-- What the task requires --
Repeat the records below verbatim and include no pictures.

-- Information supplied --
:::
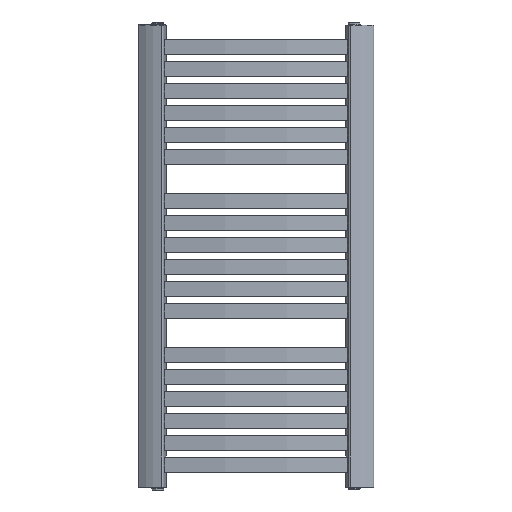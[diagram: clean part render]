
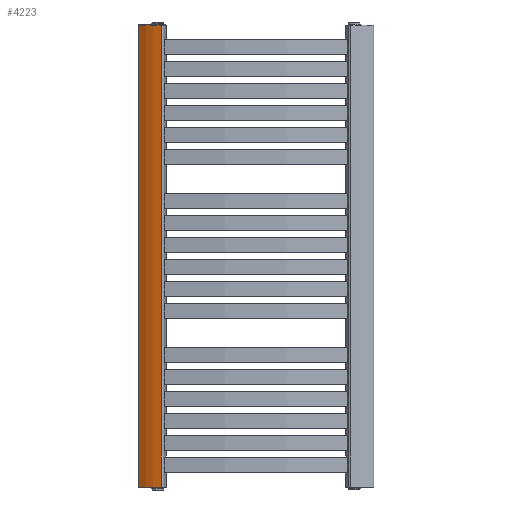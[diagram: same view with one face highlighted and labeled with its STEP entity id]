
A CAD part, left-side view. The second image highlights one B-rep face of the part: STEP entity #4223.
In plain terms, the highlighted cylindrical face has radius 101.419 mm (diameter 202.839 mm), a partial arc.
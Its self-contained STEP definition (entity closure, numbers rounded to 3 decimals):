
#371=CIRCLE('',#4655,101.419);
#372=CIRCLE('',#4656,101.419);
#490=CYLINDRICAL_SURFACE('',#4654,101.419);
#680=FACE_OUTER_BOUND('',#912,.T.);
#912=EDGE_LOOP('',(#3619,#3620,#3621,#3622));
#1319=LINE('',#7079,#1707);
#1325=LINE('',#7106,#1713);
#1707=VECTOR('',#5781,10.);
#1713=VECTOR('',#5813,10.);
#2089=VERTEX_POINT('',#7072);
#2092=VERTEX_POINT('',#7077);
#2099=VERTEX_POINT('',#7102);
#2100=VERTEX_POINT('',#7104);
#2656=EDGE_CURVE('',#2089,#2092,#1319,.T.);
#2668=EDGE_CURVE('',#2099,#2089,#371,.T.);
#2669=EDGE_CURVE('',#2100,#2092,#372,.T.);
#2670=EDGE_CURVE('',#2099,#2100,#1325,.T.);
#3619=ORIENTED_EDGE('',*,*,#2668,.T.);
#3620=ORIENTED_EDGE('',*,*,#2656,.T.);
#3621=ORIENTED_EDGE('',*,*,#2669,.F.);
#3622=ORIENTED_EDGE('',*,*,#2670,.F.);
#4223=ADVANCED_FACE('',(#680),#490,.T.);
#4654=AXIS2_PLACEMENT_3D('',#7101,#5807,#5808);
#4655=AXIS2_PLACEMENT_3D('',#7103,#5809,#5810);
#4656=AXIS2_PLACEMENT_3D('',#7105,#5811,#5812);
#5781=DIRECTION('',(0.,0.,1.));
#5807=DIRECTION('center_axis',(0.,0.,1.));
#5808=DIRECTION('ref_axis',(1.,-0.015,0.));
#5809=DIRECTION('center_axis',(0.,0.,1.));
#5810=DIRECTION('ref_axis',(1.,-0.015,0.));
#5811=DIRECTION('center_axis',(0.,0.,1.));
#5812=DIRECTION('ref_axis',(1.,-0.015,0.));
#5813=DIRECTION('',(0.,0.,1.));
#7072=CARTESIAN_POINT('',(5.308,22.798,0.));
#7077=CARTESIAN_POINT('',(5.308,22.798,945.));
#7079=CARTESIAN_POINT('',(5.308,22.798,0.));
#7101=CARTESIAN_POINT('Origin',(-84.408,-24.499,0.));
#7102=CARTESIAN_POINT('',(17.,-26.062,0.));
#7103=CARTESIAN_POINT('Origin',(-84.408,-24.499,0.));
#7104=CARTESIAN_POINT('',(17.,-26.062,945.));
#7105=CARTESIAN_POINT('Origin',(-84.408,-24.499,945.));
#7106=CARTESIAN_POINT('',(17.,-26.062,0.));
:::
-- Exercise output --
[diagram: clean part render]
[diagram: same view with one face highlighted and labeled with its STEP entity id]
A CAD part, left-side view. The second image highlights one B-rep face of the part: STEP entity #4223.
In plain terms, the highlighted cylindrical face has radius 101.419 mm (diameter 202.839 mm), a partial arc.
Its self-contained STEP definition (entity closure, numbers rounded to 3 decimals):
#371=CIRCLE('',#4655,101.419);
#372=CIRCLE('',#4656,101.419);
#490=CYLINDRICAL_SURFACE('',#4654,101.419);
#680=FACE_OUTER_BOUND('',#912,.T.);
#912=EDGE_LOOP('',(#3619,#3620,#3621,#3622));
#1319=LINE('',#7079,#1707);
#1325=LINE('',#7106,#1713);
#1707=VECTOR('',#5781,10.);
#1713=VECTOR('',#5813,10.);
#2089=VERTEX_POINT('',#7072);
#2092=VERTEX_POINT('',#7077);
#2099=VERTEX_POINT('',#7102);
#2100=VERTEX_POINT('',#7104);
#2656=EDGE_CURVE('',#2089,#2092,#1319,.T.);
#2668=EDGE_CURVE('',#2099,#2089,#371,.T.);
#2669=EDGE_CURVE('',#2100,#2092,#372,.T.);
#2670=EDGE_CURVE('',#2099,#2100,#1325,.T.);
#3619=ORIENTED_EDGE('',*,*,#2668,.T.);
#3620=ORIENTED_EDGE('',*,*,#2656,.T.);
#3621=ORIENTED_EDGE('',*,*,#2669,.F.);
#3622=ORIENTED_EDGE('',*,*,#2670,.F.);
#4223=ADVANCED_FACE('',(#680),#490,.T.);
#4654=AXIS2_PLACEMENT_3D('',#7101,#5807,#5808);
#4655=AXIS2_PLACEMENT_3D('',#7103,#5809,#5810);
#4656=AXIS2_PLACEMENT_3D('',#7105,#5811,#5812);
#5781=DIRECTION('',(0.,0.,1.));
#5807=DIRECTION('center_axis',(0.,0.,1.));
#5808=DIRECTION('ref_axis',(1.,-0.015,0.));
#5809=DIRECTION('center_axis',(0.,0.,1.));
#5810=DIRECTION('ref_axis',(1.,-0.015,0.));
#5811=DIRECTION('center_axis',(0.,0.,1.));
#5812=DIRECTION('ref_axis',(1.,-0.015,0.));
#5813=DIRECTION('',(0.,0.,1.));
#7072=CARTESIAN_POINT('',(5.308,22.798,0.));
#7077=CARTESIAN_POINT('',(5.308,22.798,945.));
#7079=CARTESIAN_POINT('',(5.308,22.798,0.));
#7101=CARTESIAN_POINT('Origin',(-84.408,-24.499,0.));
#7102=CARTESIAN_POINT('',(17.,-26.062,0.));
#7103=CARTESIAN_POINT('Origin',(-84.408,-24.499,0.));
#7104=CARTESIAN_POINT('',(17.,-26.062,945.));
#7105=CARTESIAN_POINT('Origin',(-84.408,-24.499,945.));
#7106=CARTESIAN_POINT('',(17.,-26.062,0.));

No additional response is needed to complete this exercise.